Stock springs to start, maybe slightly heavier shock oil and side dampening.
I think 40 for the shock and 50k in the tubes would be good 
I also went to a purple center spring, but may change with the layout we are putting down


----------



## ~McSmooth~ (Feb 15, 2013)

Could you post the race fees for this weekend again?

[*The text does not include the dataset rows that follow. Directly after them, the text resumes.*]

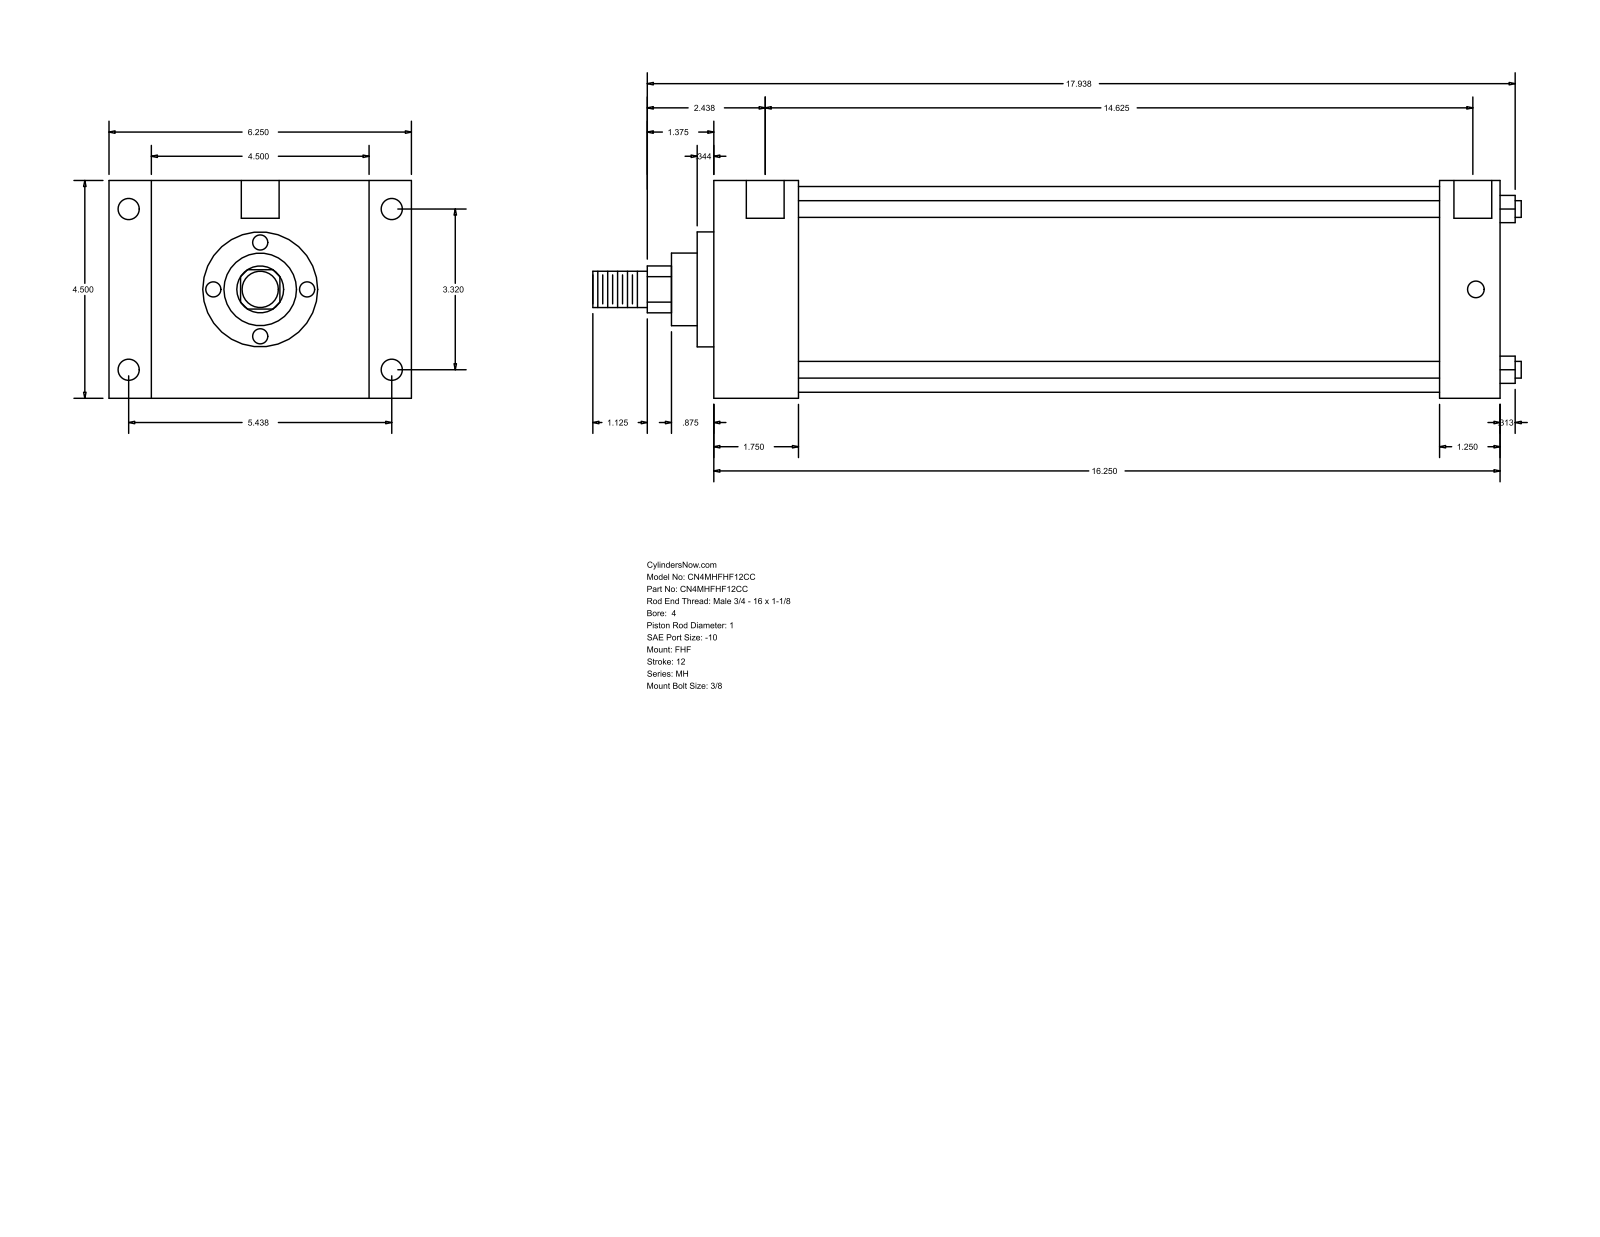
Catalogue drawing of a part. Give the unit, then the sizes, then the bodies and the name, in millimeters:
Units: millimetres
Overall size (bounding box): 487.36 × 158.75 × 114.3
Round holes (diameter × count): ⌀8.73 ×4, ⌀11.13 ×4, ⌀19.84 ×2
Round bosses / shafts (diameter × count): ⌀8.76 ×4, ⌀107.95 ×1, ⌀60.33 ×1, ⌀38.1 ×1, ⌀25.4 ×1, ⌀19.05 ×1
Partial cylindrical surfaces — rounded edges, fillets, slot ends (radius × count): R12.29 ×1
Main face-to-face distances: 114.3, 412.76, 44.46, 368.3, 22.23, 136.53, 158.76, 381.01, 336.55, 31.75
Hole centre spacings: 84.32, 138.12, 161.82, 374.65, 1.58, 1.59, 371.48, 373.06
Bodies: 0 solids, 90 faces (61 planar, 29 cylindrical, 0 other)
Part name (STEP PRODUCT): MH_FHF__0400_1
STEP written by: GSSL Pune (CONFIG_CONTROL_DESIGN)

I know I saw them somewhere (Book of Face/email/men's room wall), but can't locate it now.

Thanks!


----------



## Piz (Apr 22, 2002)

sg1 said:


> Stock springs to start, maybe slightly heavier shock oil and side dampening.
> I think 40 for the shock and 50k in the tubes would be good
> I also went to a purple center spring, but may change with the layout we are putting down


Thanks ! I will start there


----------



## Piz (Apr 22, 2002)

~McSmooth~ said:


> Could you post the race fees for this weekend again?
> 
> I know I saw them somewhere (Book of Face/email/men's room wall), but can't locate it now.
> 
> Thanks!


Friday practice $5 
Sat and Sunday race $20 for first class $10 each additional or $50 for the whole weekend


----------



## Piz (Apr 22, 2002)

Wiring up my electronics tonight where are you guys running the battery and esc ? In my Tamiya I run battery all the way forward and battery al the way up front , also do you stand up you servo like the directions say ?


----------



## Mackin (Sep 27, 2001)

My battery is up front. Speeder and rec are in the back.


----------



## old_dude (Dec 12, 2008)

Mackin said:


> My battery is up front. Speeder and rec are in the back.


Same!


----------



## ewippler (Mar 1, 2004)

Thanks to everyone at the Gate for putting on an awesome racing weekend. Facility and crew were top notch. Also thanks to Brad Palmer from F1 Paint Lab for sponsering the race.

Hopefully I will be able to attend another race at the Gate or Midwest UF1 series this season.

Erik


----------



## Mackin (Sep 27, 2001)

Thanks for coming down. Glad you had fun.

chuck


----------